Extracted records
++++++++++
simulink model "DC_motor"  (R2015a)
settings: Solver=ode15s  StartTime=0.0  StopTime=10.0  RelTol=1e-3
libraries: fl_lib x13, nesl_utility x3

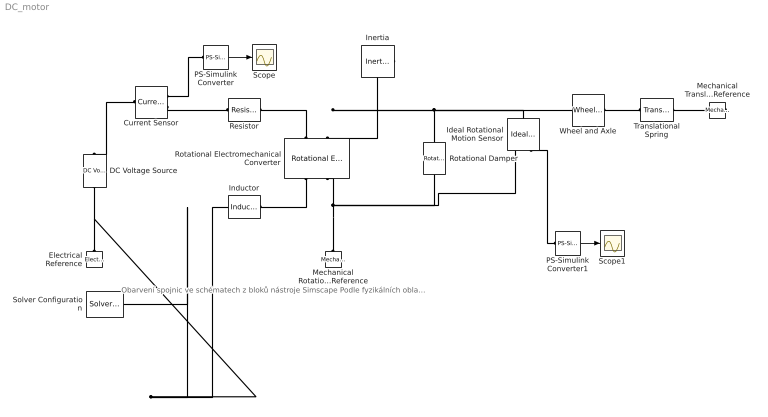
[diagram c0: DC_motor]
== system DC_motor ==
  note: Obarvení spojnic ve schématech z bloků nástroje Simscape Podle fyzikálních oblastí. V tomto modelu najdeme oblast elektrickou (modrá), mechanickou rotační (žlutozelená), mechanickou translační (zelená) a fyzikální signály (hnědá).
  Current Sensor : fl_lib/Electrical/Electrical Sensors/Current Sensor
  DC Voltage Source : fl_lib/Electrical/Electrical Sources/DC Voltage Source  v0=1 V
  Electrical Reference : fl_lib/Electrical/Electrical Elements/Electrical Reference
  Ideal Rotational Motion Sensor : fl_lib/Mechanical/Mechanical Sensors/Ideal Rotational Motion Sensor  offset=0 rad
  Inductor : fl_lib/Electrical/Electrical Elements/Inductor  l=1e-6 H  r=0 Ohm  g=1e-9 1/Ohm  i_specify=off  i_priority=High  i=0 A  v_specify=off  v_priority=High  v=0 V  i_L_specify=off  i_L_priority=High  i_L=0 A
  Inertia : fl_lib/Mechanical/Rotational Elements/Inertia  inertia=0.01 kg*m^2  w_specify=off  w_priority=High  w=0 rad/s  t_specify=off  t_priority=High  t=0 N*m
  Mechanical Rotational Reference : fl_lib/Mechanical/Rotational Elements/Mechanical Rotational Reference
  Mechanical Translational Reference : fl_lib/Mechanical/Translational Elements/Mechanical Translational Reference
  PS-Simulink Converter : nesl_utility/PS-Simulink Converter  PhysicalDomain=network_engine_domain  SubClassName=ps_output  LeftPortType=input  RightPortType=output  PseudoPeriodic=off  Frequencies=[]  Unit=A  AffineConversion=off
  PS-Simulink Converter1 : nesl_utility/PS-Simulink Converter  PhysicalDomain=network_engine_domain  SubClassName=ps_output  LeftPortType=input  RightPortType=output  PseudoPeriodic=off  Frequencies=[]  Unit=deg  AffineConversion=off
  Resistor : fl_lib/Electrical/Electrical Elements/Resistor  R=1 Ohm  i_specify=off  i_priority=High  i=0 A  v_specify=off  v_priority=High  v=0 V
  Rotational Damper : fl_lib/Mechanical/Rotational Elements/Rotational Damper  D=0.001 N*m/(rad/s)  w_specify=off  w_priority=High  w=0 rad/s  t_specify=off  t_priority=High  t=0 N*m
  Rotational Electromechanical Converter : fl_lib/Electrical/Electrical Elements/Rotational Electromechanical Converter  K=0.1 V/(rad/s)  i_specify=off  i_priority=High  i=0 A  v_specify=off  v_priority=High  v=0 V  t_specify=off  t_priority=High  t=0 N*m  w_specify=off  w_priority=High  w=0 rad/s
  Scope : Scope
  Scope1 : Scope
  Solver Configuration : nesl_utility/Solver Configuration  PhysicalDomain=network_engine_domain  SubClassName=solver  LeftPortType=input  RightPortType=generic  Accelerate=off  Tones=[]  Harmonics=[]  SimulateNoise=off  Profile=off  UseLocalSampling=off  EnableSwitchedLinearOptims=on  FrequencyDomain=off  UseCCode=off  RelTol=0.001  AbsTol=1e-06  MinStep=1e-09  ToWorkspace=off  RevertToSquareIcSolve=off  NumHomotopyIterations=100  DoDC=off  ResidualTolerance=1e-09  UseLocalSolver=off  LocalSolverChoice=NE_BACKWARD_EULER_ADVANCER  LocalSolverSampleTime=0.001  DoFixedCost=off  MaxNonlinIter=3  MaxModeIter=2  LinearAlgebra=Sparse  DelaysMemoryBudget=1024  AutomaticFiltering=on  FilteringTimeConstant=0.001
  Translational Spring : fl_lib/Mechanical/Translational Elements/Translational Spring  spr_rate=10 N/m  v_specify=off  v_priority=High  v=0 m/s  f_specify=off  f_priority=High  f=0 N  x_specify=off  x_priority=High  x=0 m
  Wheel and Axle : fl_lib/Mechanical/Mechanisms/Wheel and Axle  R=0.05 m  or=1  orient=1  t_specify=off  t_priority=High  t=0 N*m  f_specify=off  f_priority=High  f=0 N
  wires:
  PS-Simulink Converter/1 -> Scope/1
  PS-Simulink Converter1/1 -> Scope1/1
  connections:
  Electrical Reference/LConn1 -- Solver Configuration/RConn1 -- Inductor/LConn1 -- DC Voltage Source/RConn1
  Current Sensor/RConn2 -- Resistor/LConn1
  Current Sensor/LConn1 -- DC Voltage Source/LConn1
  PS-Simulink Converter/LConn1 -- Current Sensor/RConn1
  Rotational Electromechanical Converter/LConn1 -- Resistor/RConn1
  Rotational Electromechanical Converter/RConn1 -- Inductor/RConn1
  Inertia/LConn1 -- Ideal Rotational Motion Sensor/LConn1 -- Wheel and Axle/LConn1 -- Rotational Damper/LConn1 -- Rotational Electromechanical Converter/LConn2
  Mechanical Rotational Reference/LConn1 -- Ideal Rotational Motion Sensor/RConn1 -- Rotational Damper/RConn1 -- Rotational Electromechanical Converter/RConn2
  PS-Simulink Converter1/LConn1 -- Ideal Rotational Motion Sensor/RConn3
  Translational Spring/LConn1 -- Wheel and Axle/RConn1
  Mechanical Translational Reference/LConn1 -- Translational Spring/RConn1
++++++++++
**EXERCISE REQUIREMENTS:**
Your task is to collect every line above that contains the word "Translational".

**WRITTEN SOLUTION:**
  Mechanical Translational Reference : fl_lib/Mechanical/Translational Elements/Mechanical Translational Reference
  Translational Spring : fl_lib/Mechanical/Translational Elements/Translational Spring  spr_rate=10 N/m  v_specify=off  v_priority=High  v=0 m/s  f_specify=off  f_priority=High  f=0 N  x_specify=off  x_priority=High  x=0 m
  Translational Spring/LConn1 -- Wheel and Axle/RConn1
  Mechanical Translational Reference/LConn1 -- Translational Spring/RConn1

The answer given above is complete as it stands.